▶ _What to produce_: Could you show all lines in the entries below that contain the string "from"?

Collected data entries
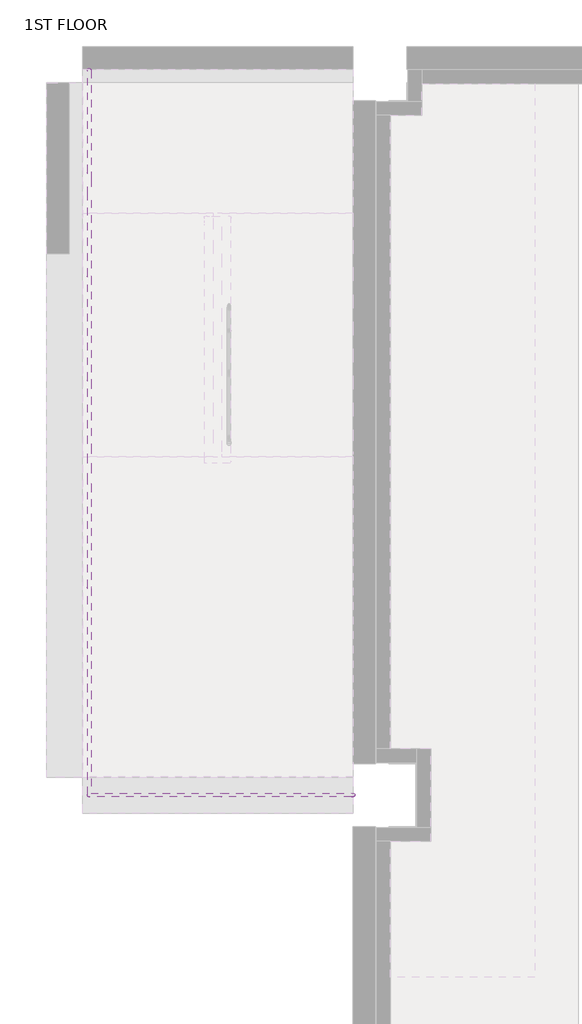
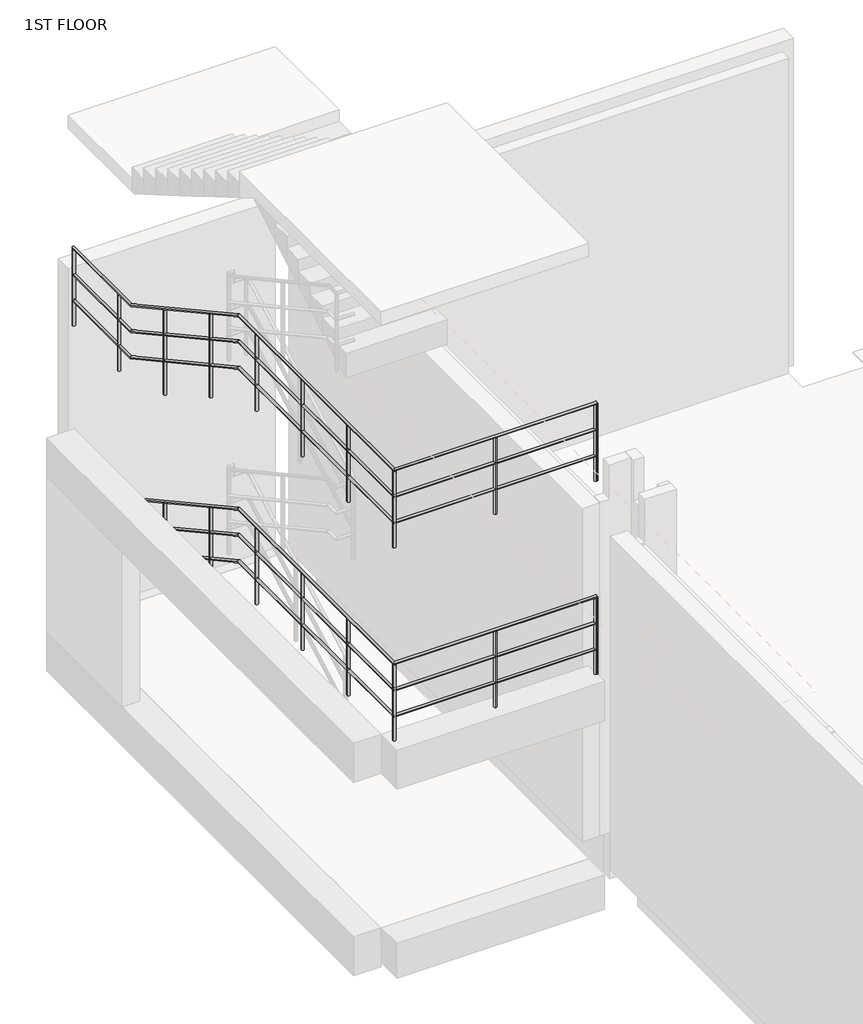
# One storey, part 11 of 15: 2 railings.
"""IFC4 building model written with IfcOpenShell, lengths in millimetres."""

from ifc_helpers import new_model, si_unit, point, frame, frame_2d, origin, place, context, project, spatial, circle_curve, ellipse_curve, trimmed, segment, composite_curve, outline, extrude, element, save
from ifc_brep_helpers import plane_surface, cylinder_surface, advanced_brep

model = new_model("IFC4")

# Units and contexts
model_context = context("Model", 3, world=origin())
ifc_project = project(units=[si_unit("LENGTHUNIT", "METRE", prefix="MILLI")], contexts=[model_context])

# Site, building, storey
site = spatial("IfcSite", under=ifc_project)
building = spatial("IfcBuilding", under=site)
storey = spatial("IfcBuildingStorey", under=building, Name="1ST FLOOR", Elevation=4800.0)

# Railings
placement = place(None, origin())
element("IfcRailing", 1, ObjectType="H_RL_AR_S10_Steel Handrail_H1200_STAIR", at=placement, inside=storey, context=model_context, shape_type="SolidModel", body=[
    advanced_brep(
    [(-3244.0, 50.0, 7291.0), (-3206.0, 50.0, 7291.0), (-3244.0, -1404.865872, 7291.0), (-3206.0, -1404.865872, 7291.0), (-300.0, -8019.0, 8771.0), (-300.0, -7981.0, 8771.0), (-3206.0, -7981.0, 8771.0), (-3244.0, -8019.0, 8771.0), (-3244.0, -4104.865872, 8771.0), (-3206.0, -4104.865872, 8771.0)],
    [
        (0, 1, circle_curve(frame((-3225.0, 50.0, 7291.0), z_axis=(0.0, 1.0, 0.0), x_axis=(1.0, 0.0, 0.0)), 19.0)),
        (1, 0, circle_curve(frame((-3225.0, 50.0, 7291.0), z_axis=(0.0, 1.0, 0.0), x_axis=(1.0, 0.0, 0.0)), 19.0)),
        (0, 2),
        (2, 3, ellipse_curve(frame((-3225.0, -1404.865872, 7291.0), z_axis=(0.0, 0.968736479519294, -0.24809198545814548), x_axis=(0.0, 0.24809198545814504, 0.9687364795192941)), 19.613177, 19.0)),
        (3, 1),
        (3, 2, ellipse_curve(frame((-3225.0, -1404.865872, 7291.0), z_axis=(0.0, 0.968736479519294, -0.24809198545814548), x_axis=(0.0, 0.24809198545814504, 0.9687364795192941)), 19.613177, 19.0)),
        (4, 5, circle_curve(frame((-300.0, -8000.0, 8771.0), z_axis=(1.0, 0.0, 0.0), x_axis=(0.0, 1.0, 0.0)), 19.0)),
        (5, 4, circle_curve(frame((-300.0, -8000.0, 8771.0), z_axis=(1.0, 0.0, 0.0), x_axis=(0.0, 1.0, 0.0)), 19.0)),
        (6, 7, ellipse_curve(frame((-3225.0, -8000.0, 8771.0), z_axis=(0.7071067811865469, -0.707106781186548, 0.0), x_axis=(-0.7071067811865481, -0.7071067811865468, 0.0)), 26.8700577, 19.0)),
        (7, 4),
        (5, 6),
        (7, 6, ellipse_curve(frame((-3225.0, -8000.0, 8771.0), z_axis=(0.7071067811865469, -0.707106781186548, 0.0), x_axis=(-0.7071067811865481, -0.7071067811865468, 0.0)), 26.8700577, 19.0)),
        (2, 8),
        (8, 9, ellipse_curve(frame((-3225.0, -4104.865872, 8771.0), z_axis=(0.0, 0.968736479519294, -0.24809198545814548), x_axis=(0.0, -0.24809198545814592, -0.9687364795192939)), 19.613177, 19.0)),
        (9, 3),
        (9, 8, ellipse_curve(frame((-3225.0, -4104.865872, 8771.0), z_axis=(0.0, 0.968736479519294, -0.24809198545814548), x_axis=(0.0, -0.24809198545814592, -0.9687364795192939)), 19.613177, 19.0)),
        (8, 7),
        (6, 9),
    ],
    [
        plane_surface(frame((-3225.0, 50.0, 7310.0), z_axis=(0.0, 1.0, 0.0), x_axis=(0.0, 0.0, -1.0))),
        cylinder_surface(frame((-3225.0, 50.0, 7291.0), z_axis=(0.0, 1.0, 0.0), x_axis=(1.0, 0.0, 0.0)), 19.0),
        plane_surface(frame((-300.0, -8000.0, 8790.0), z_axis=(1.0, 0.0, 0.0), x_axis=(0.0, 1.0, 0.0))),
        cylinder_surface(frame((-3225.0, -8000.0, 8771.0), z_axis=(-1.0, 0.0, 0.0), x_axis=(0.0, 1.0, 0.0)), 19.0),
        cylinder_surface(frame((-3225.0, -1409.1327588, 7293.3388861), z_axis=(0.0, 0.8769007335028707, -0.4806715131793514), x_axis=(1.0, 0.0, 0.0)), 19.0),
        cylinder_surface(frame((-3225.0, -4100.0, 8771.0), z_axis=(0.0, 1.0, 0.0), x_axis=(1.0, 0.0, 0.0)), 19.0),
    ],
    [
        (0, [[1, 2]]),
        (1, [[-1, 3, 4, 5]]),
        (1, [[-2, -5, 6, -3]]),
        (2, [[7, 8]]),
        (3, [[9, 10, -8, 11]]),
        (3, [[12, -11, -7, -10]]),
        (4, [[-4, 13, 14, 15]]),
        (4, [[-6, -15, 16, -13]]),
        (5, [[-14, 17, -9, 18]]),
        (5, [[-16, -18, -12, -17]]),
    ],
),
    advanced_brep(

▶ _Reply to the exercise_:
from ifc_helpers import new_model, si_unit, point, frame, frame_2d, origin, place, context, project, spatial, circle_curve, ellipse_curve, trimmed, segment, composite_curve, outline, extrude, element, save
from ifc_brep_helpers import plane_surface, cylinder_surface, advanced_brep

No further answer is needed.